Columnist
Bob Baird of
The Journal News made me chuckle more than a few times with his takes on
Boomer Nostalgia:
…I started asking myself, "Wasn't '12 Angry Men' dramatic enough?" Forty years after the 1957 classic with Henry Fonda, Lee J. Cobb, E.G. Marshall, Jack Klugman and all the rest, did we really need a new version with Tony Danza?….. You hear The Who's "Happy Jack" followed by "I Can See for Miles." It sounds like a commercial for "The Who's Greatest Hits," but it's Hummer and a headlight manufacturer hawking their products......if this keeps up, maybe there's a "Who's Greatest Commercial Hits" down the road...
I have mixed feelings about this. The Who, Stones - do they really need the dough? If I hear Richie Havens or Etta James crooning behind commercials, fine. They're not billionaires. Let them roll up some royalties. I'm all for it.
But Sir Paul? If he's down and out he can come over to my place any time for free grub and a

shower.
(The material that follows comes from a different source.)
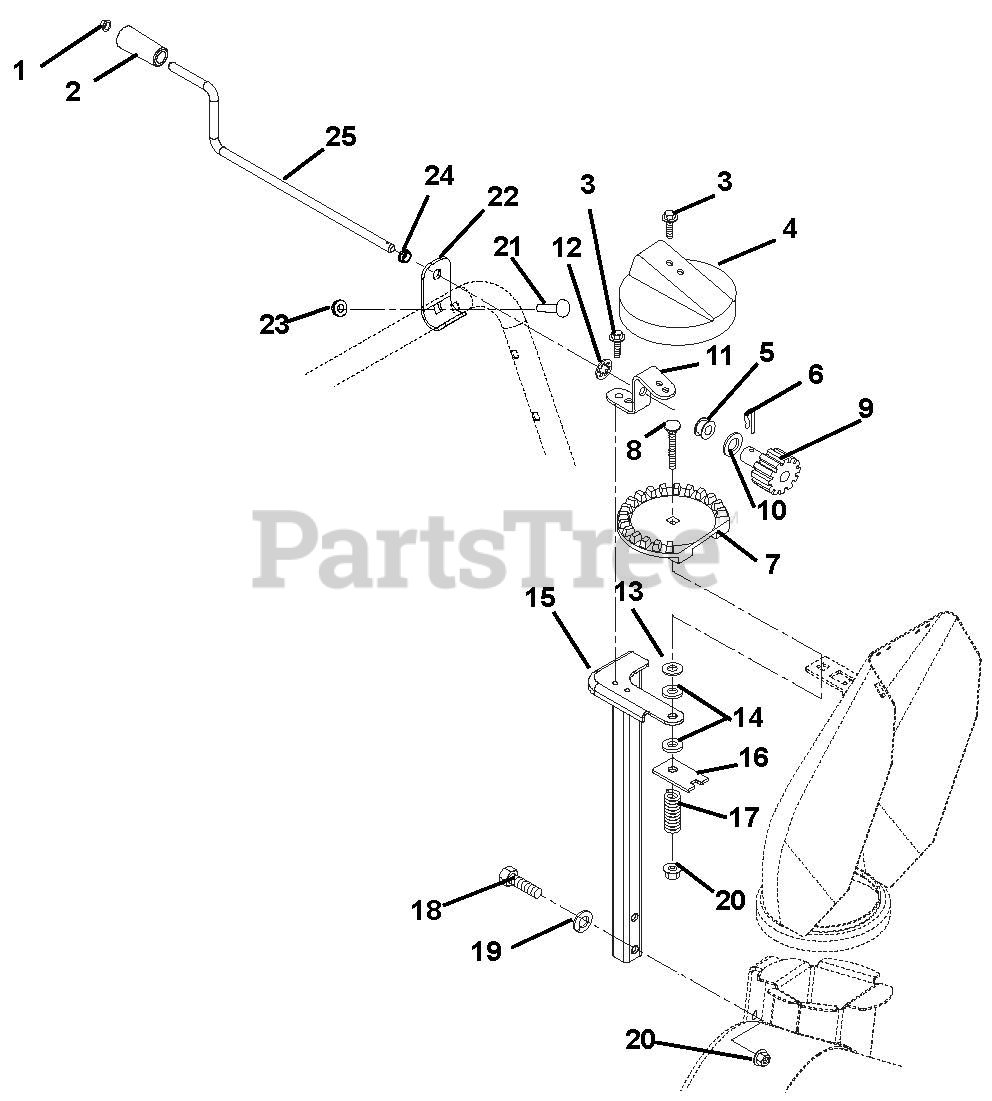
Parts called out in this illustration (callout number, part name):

And I'll give him a couple of bucks to autograph my half-melted and warped "Ticket to Ride" single I have stashed somewhere (even though he didn't sing lead on it). The record wouldn't play anyhow even if I had a turntable and one of those curly, plastic round thingies - so it's not good for much else except to scribble on.
But the real questions are these: Do advertisers benefit from invoking the past willy-nilly? When those tunes come on, am I really paying attention? Or do they send me off into the ether, conjuring up all sorts of bizarre and moldy feelings, images, remembrances?
By the time I float back, the spot is over.